I don’t think Klink offers an answer, nor do I think it is the job of a poet to offer an answer. Rather, Klink gestures toward bewilderment (“bewildered kinship,” she writes). And perhaps that is a job of a poet — to gesture toward bewilderment and wonder what lives there, or how to live there. And Klink does assert something about how to live here, where bewilderment is. She writes:
Take my hand, if only here and not in the time
that remains for us to spend together.
For Klink, what is elemental is the present tense. It is not the time remaining or the time past but the time now. It is to be with the ones you love in the moment that you love them. It is to know at least that certainty — “where you are and what you care for” — while so much else is uncertain. That is the elemental, the essential.
I think so often that we — myself included in that vast collective we — have a desire to classify poems (and other writing) in terms of what they offer us. We say poems are hopeful, or necessary, or vital. I will switch to the “I” to say that — when I do this — this is because I am seeking a way out. I am seeking sense made for me. I understand this impulse in myself and also do not like this impulse in myself. So often it feels like one must be either hopeful or cynical, as if one cannot be both, as if one cannot live in between — with both and with so much more. Today’s poem is an example of this complexity. It is both cynical and awash with love. It is a student of emptiness and fullness. This is to say: it lives.
Perhaps my favorite example of this kind of complexity is in another Linda Gregg poem, “New York Address.” In it, she writes:
Yes I hate dark. No I love light. Yes I won’t speak.
No I will write. Yes I will breed. No I won’t love.
Yes I will bless. No I won’t close. Yes I won’t give.

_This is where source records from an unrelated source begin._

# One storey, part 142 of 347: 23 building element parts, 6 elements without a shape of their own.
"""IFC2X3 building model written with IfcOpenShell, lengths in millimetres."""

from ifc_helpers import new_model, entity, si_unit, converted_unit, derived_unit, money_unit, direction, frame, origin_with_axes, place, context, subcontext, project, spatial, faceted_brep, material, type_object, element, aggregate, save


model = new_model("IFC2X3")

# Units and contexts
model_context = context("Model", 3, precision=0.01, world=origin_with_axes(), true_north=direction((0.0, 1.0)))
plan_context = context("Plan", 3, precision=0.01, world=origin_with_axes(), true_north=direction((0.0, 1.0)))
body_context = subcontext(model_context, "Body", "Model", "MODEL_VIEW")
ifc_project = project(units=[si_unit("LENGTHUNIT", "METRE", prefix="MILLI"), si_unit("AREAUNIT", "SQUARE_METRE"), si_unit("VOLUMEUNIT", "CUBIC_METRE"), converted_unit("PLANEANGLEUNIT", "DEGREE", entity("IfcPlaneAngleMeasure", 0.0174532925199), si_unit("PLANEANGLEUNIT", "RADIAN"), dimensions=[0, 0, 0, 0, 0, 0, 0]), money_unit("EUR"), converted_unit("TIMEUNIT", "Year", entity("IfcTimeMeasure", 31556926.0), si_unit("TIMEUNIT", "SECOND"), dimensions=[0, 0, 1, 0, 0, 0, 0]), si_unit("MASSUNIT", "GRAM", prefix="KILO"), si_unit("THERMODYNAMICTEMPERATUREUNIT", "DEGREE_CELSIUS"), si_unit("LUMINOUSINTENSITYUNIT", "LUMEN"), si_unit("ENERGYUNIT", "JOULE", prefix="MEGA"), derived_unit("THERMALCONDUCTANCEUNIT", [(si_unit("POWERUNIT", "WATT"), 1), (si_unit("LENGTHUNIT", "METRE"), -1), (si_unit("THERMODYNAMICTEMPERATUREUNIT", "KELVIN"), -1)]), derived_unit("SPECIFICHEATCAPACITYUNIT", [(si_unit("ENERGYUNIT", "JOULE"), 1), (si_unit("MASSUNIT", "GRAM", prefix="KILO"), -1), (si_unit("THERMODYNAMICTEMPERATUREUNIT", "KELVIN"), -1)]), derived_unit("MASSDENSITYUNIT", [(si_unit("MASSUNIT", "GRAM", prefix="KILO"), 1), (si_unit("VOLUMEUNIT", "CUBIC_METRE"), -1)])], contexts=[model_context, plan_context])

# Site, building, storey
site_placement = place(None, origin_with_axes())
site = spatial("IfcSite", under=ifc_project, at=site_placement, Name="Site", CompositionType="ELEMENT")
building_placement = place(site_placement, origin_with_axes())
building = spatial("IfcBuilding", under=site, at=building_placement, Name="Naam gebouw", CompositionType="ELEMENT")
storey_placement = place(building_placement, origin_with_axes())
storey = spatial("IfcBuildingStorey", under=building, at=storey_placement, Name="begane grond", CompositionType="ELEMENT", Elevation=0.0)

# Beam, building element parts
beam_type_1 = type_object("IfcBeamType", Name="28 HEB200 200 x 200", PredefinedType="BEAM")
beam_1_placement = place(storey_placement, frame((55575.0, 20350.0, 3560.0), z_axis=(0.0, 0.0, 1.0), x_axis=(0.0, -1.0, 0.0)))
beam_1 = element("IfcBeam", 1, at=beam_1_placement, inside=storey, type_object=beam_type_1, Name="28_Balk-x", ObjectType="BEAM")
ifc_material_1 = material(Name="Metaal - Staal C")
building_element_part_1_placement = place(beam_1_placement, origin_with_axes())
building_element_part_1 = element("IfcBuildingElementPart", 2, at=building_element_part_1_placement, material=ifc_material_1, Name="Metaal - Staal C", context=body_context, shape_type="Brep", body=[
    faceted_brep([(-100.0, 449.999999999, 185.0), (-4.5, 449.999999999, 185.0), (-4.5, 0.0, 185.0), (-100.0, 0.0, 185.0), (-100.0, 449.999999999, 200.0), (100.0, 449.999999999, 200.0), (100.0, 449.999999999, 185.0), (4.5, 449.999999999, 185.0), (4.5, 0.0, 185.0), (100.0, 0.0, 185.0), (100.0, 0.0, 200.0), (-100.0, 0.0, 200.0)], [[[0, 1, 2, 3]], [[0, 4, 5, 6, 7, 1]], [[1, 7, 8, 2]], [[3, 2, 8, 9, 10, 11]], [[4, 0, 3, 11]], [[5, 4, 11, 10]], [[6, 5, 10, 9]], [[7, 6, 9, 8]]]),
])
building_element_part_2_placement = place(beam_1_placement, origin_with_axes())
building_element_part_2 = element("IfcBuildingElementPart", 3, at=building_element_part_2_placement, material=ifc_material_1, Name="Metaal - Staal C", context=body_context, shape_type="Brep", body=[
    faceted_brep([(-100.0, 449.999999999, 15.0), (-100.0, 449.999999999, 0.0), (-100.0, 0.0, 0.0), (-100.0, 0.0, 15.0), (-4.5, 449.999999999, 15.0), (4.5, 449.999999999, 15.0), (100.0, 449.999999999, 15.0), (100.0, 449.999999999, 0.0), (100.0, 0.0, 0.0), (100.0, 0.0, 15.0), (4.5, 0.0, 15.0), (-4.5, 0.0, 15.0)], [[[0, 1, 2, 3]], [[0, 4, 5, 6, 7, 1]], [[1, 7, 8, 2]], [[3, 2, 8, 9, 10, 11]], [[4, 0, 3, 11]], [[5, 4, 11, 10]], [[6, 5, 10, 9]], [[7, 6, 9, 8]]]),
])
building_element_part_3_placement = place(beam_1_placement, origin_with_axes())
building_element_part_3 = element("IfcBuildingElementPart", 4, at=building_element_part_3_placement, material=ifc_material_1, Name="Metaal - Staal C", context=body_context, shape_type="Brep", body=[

There is our world, full of yes and no, full of decisions we make that move with and turn against decisions we also make, and have made, and will make. There is no answer, I think, for complexity, for bewilderment. To look at all of it and attempt to solve it, to render it easy, is so utterly human and so understandable and yet will almost certainly render some false positive. The world often trains us to solve our lives. To use whole numbers. To round up. But what if what is essential leaves you speechless? Even in math, some numbers are irrational. I am learning to love them.